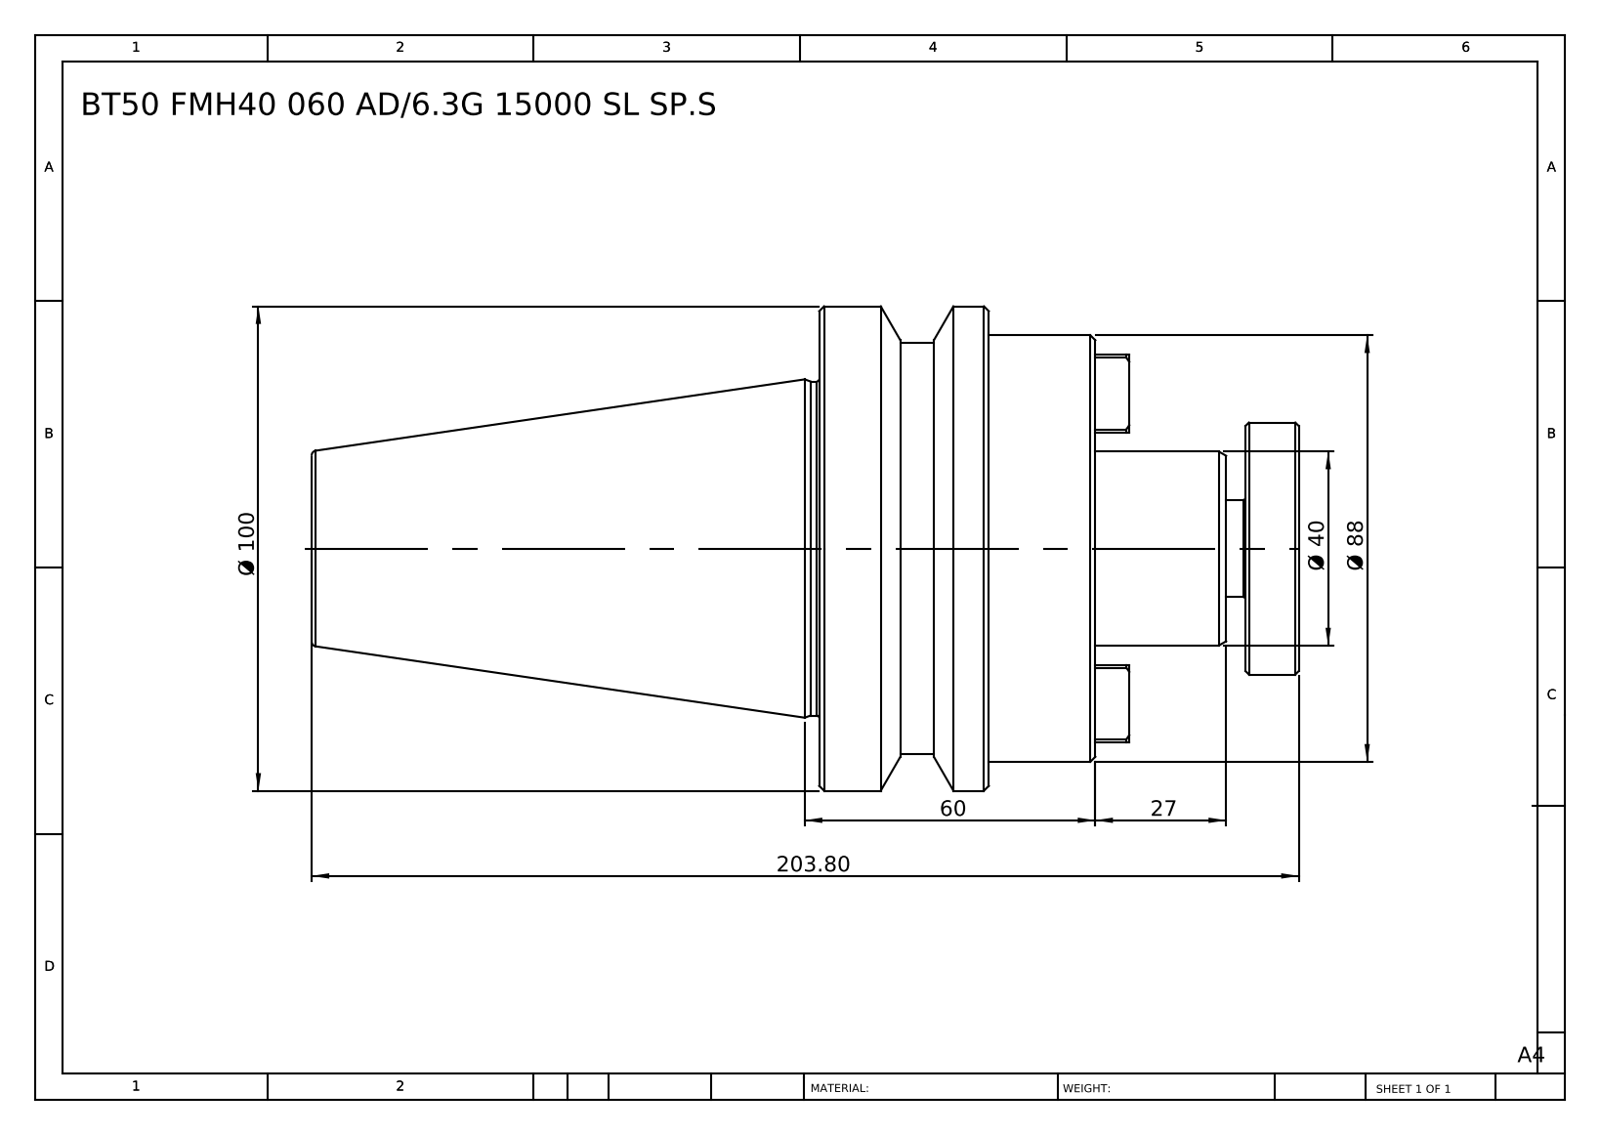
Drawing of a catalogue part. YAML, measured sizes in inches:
part_name: "BT50 FMH40 060 AD-6.3G 15000 SL SP.S"
step_written_by: "SolidWorks 2014 (CONFIG_CONTROL_DESIGN)"
units: inches
bodies: {solids: 1, faces: 77, planar: 35, cylindrical: 16, other: 26}
overall_size: [8.024, 3.937, 3.937]
volume: 43.07
surface_area: 92.98
round_bosses_or_shafts:
  - {diameter: 3.937, count: 1}
  - {diameter: 3.465, count: 1}
  - {diameter: 3.346, count: 1}
  - {diameter: 2.717, count: 1}
  - {diameter: 2.047, count: 1}
  - {diameter: 1.575, count: 1}
  - {diameter: 0.787, count: 1}
face_to_face_distances: [2.244, 2.52, 1.654, 3.898, 1.378, 0.433, 1.22, 3.465, 2.087, 0.866]
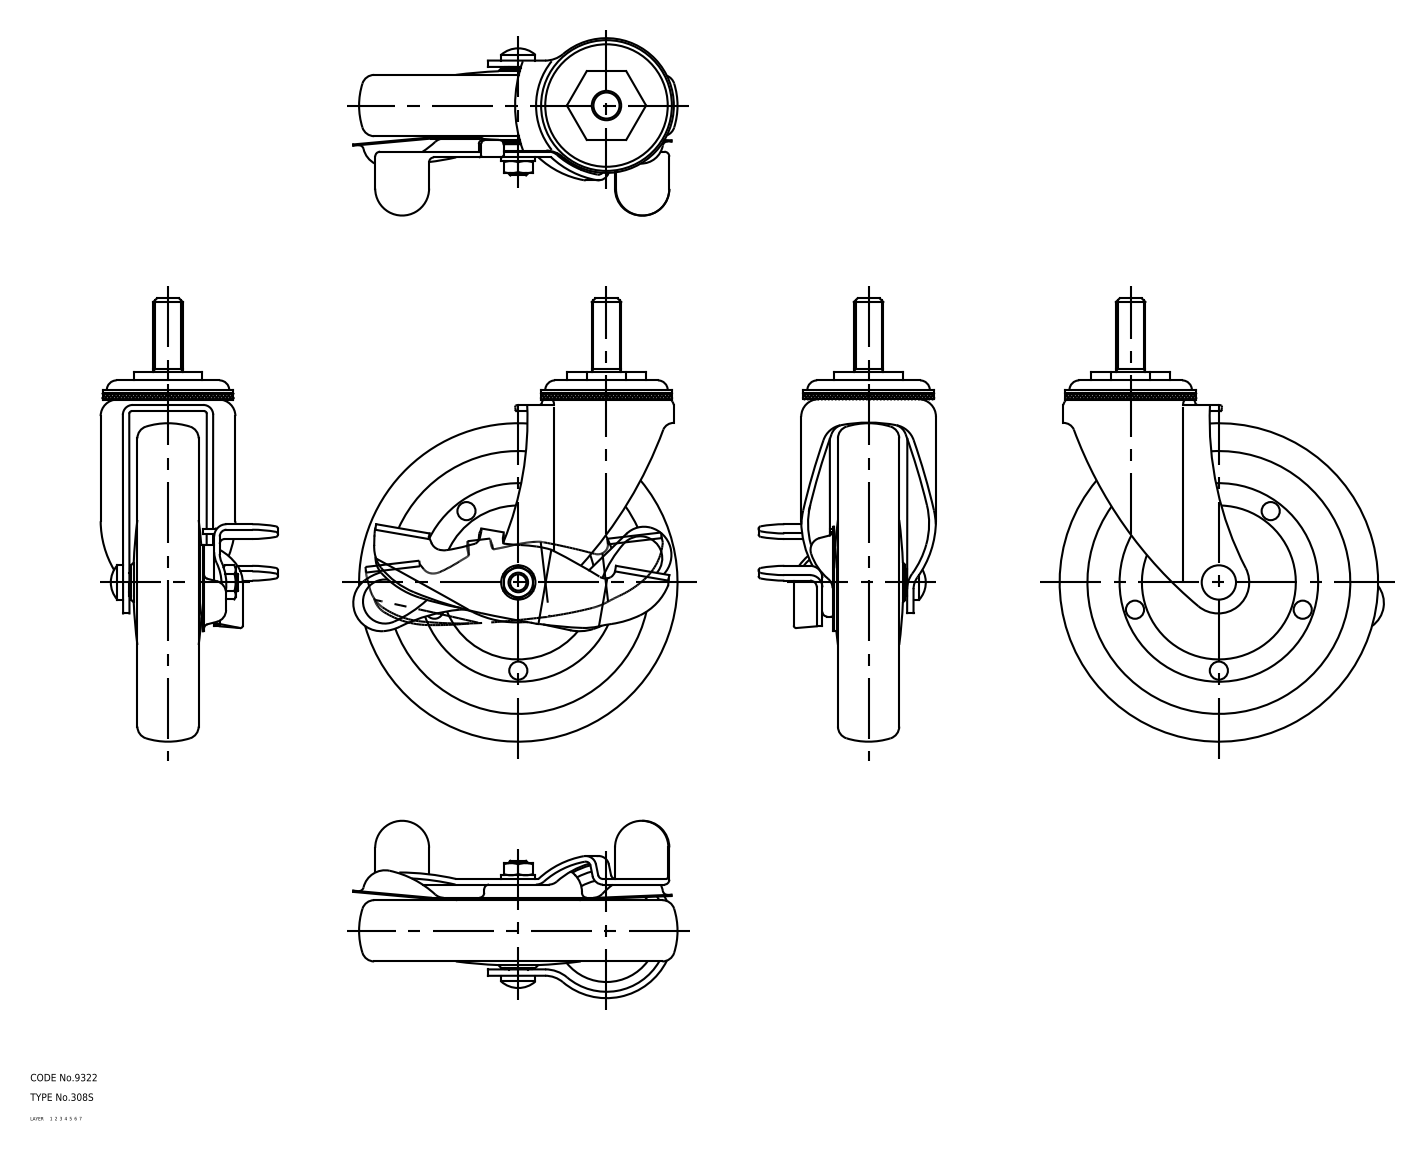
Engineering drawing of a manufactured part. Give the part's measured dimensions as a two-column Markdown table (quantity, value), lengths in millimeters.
| quantity | value |
| --- | --- |
| part name | lever; wheel; plate; main shaft (+2 more) |
| STEP written by | CADfix (AUTOMOTIVE_DESIGN) |
| units | millimeters |
| bodies | 6 solids, 373 faces (0 planar, 0 cylindrical, 373 other) |
| overall size | 181 × 132.37 × 72.41 |
| volume | 316 987 mm³ |
| surface area | 86 436 mm² |

Instructions to follow:
Please transcribe exactly the line containing "Engineering drawing of" and every line after it through the end of the records, and nothing else.

Task answer:
Engineering drawing of a manufactured part. Give the part's measured dimensions as a two-column Markdown table (quantity, value), lengths in millimeters.
| quantity | value |
| --- | --- |
| part name | lever; wheel; plate; main shaft (+2 more) |
| STEP written by | CADfix (AUTOMOTIVE_DESIGN) |
| units | millimeters |
| bodies | 6 solids, 373 faces (0 planar, 0 cylindrical, 373 other) |
| overall size | 181 × 132.37 × 72.41 |
| volume | 316 987 mm³ |
| surface area | 86 436 mm² |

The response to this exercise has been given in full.